Copy out the records in full, word for word, without pictures.
BEGIN DATA UNDER STUDY
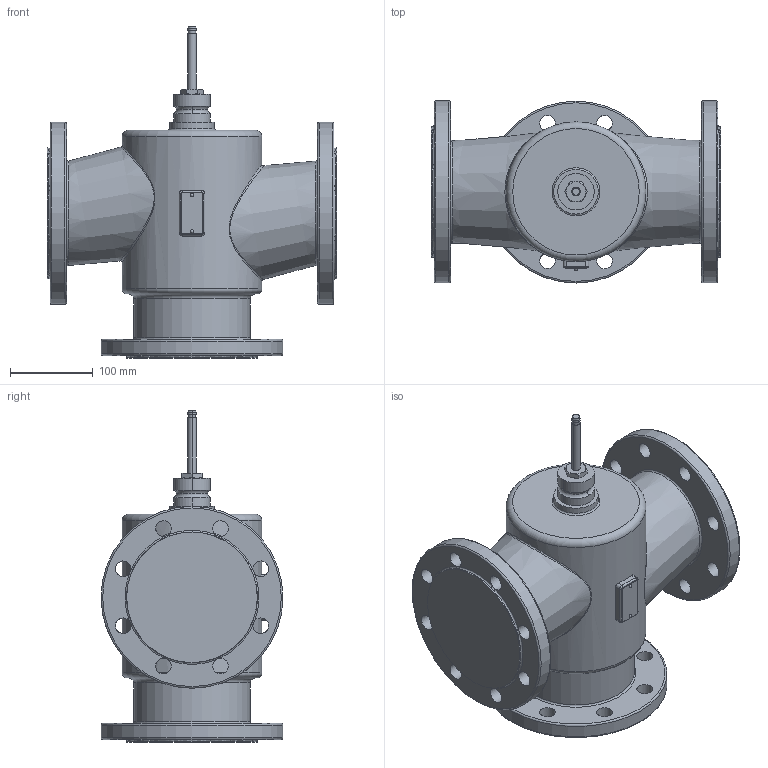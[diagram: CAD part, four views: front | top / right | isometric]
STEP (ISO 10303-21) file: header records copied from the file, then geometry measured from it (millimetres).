
FILE_DESCRIPTION(/* description */ (''),/* implementation_level */ '2;1');
FILE_NAME(/* name */ 'RAS_023464_00.stp',/* time_stamp */ '2013-01-10T08:46:16+01:00',/* author */ (''),/* organization */ (''),/* preprocessor_version */ 'ST-DEVELOPER v11',/* originating_system */ 'SIEMENS UGS NX 6.0',/* authorisation */ '');
FILE_SCHEMA (('AUTOMOTIVE_DESIGN { 1 0 10303 214 1 1 1 1 }'));
Length unit declared in the file: millimetre
Products named in the file (1): RontE95Cebl4
Bounding box: 350 x 220 x 401.5 mm (x, y, z)
Volume: 9738062.3 mm3; surface area: 444123.4 mm2
Topology: 1 solids, 2 shells, 158 faces, 434 edges, 270 vertices
Faces by surface type: cylinder 57, plane 35, torus 32, bspline 24, cone 8, sphere 2
Full cylindrical faces by diameter (mm): 19 x24, 54 x1, 141 x1, 158 x3, 169 x1, 220 x3
Entity records: 6090 total; most frequent: CARTESIAN_POINT 2463, DIRECTION 794, ORIENTED_EDGE 682, AXIS2_PLACEMENT_3D 368, EDGE_CURVE 341, EDGE_LOOP 252, VERTEX_POINT 233, CIRCLE 231
END DATA UNDER STUDY
▶ [ANSWER FOR THIS EXERCISE]:
[diagram: CAD part, four views: front | top / right | isometric]
STEP (ISO 10303-21) file: header records copied from the file, then geometry measured from it (millimetres).
FILE_DESCRIPTION(/* description */ (''),/* implementation_level */ '2;1');
FILE_NAME(/* name */ 'RAS_023464_00.stp',/* time_stamp */ '2013-01-10T08:46:16+01:00',/* author */ (''),/* organization */ (''),/* preprocessor_version */ 'ST-DEVELOPER v11',/* originating_system */ 'SIEMENS UGS NX 6.0',/* authorisation */ '');
FILE_SCHEMA (('AUTOMOTIVE_DESIGN { 1 0 10303 214 1 1 1 1 }'));
Length unit declared in the file: millimetre
Products named in the file (1): RontE95Cebl4
Bounding box: 350 x 220 x 401.5 mm (x, y, z)
Volume: 9738062.3 mm3; surface area: 444123.4 mm2
Topology: 1 solids, 2 shells, 158 faces, 434 edges, 270 vertices
Faces by surface type: cylinder 57, plane 35, torus 32, bspline 24, cone 8, sphere 2
Full cylindrical faces by diameter (mm): 19 x24, 54 x1, 141 x1, 158 x3, 169 x1, 220 x3
Entity records: 6090 total; most frequent: CARTESIAN_POINT 2463, DIRECTION 794, ORIENTED_EDGE 682, AXIS2_PLACEMENT_3D 368, EDGE_CURVE 341, EDGE_LOOP 252, VERTEX_POINT 233, CIRCLE 231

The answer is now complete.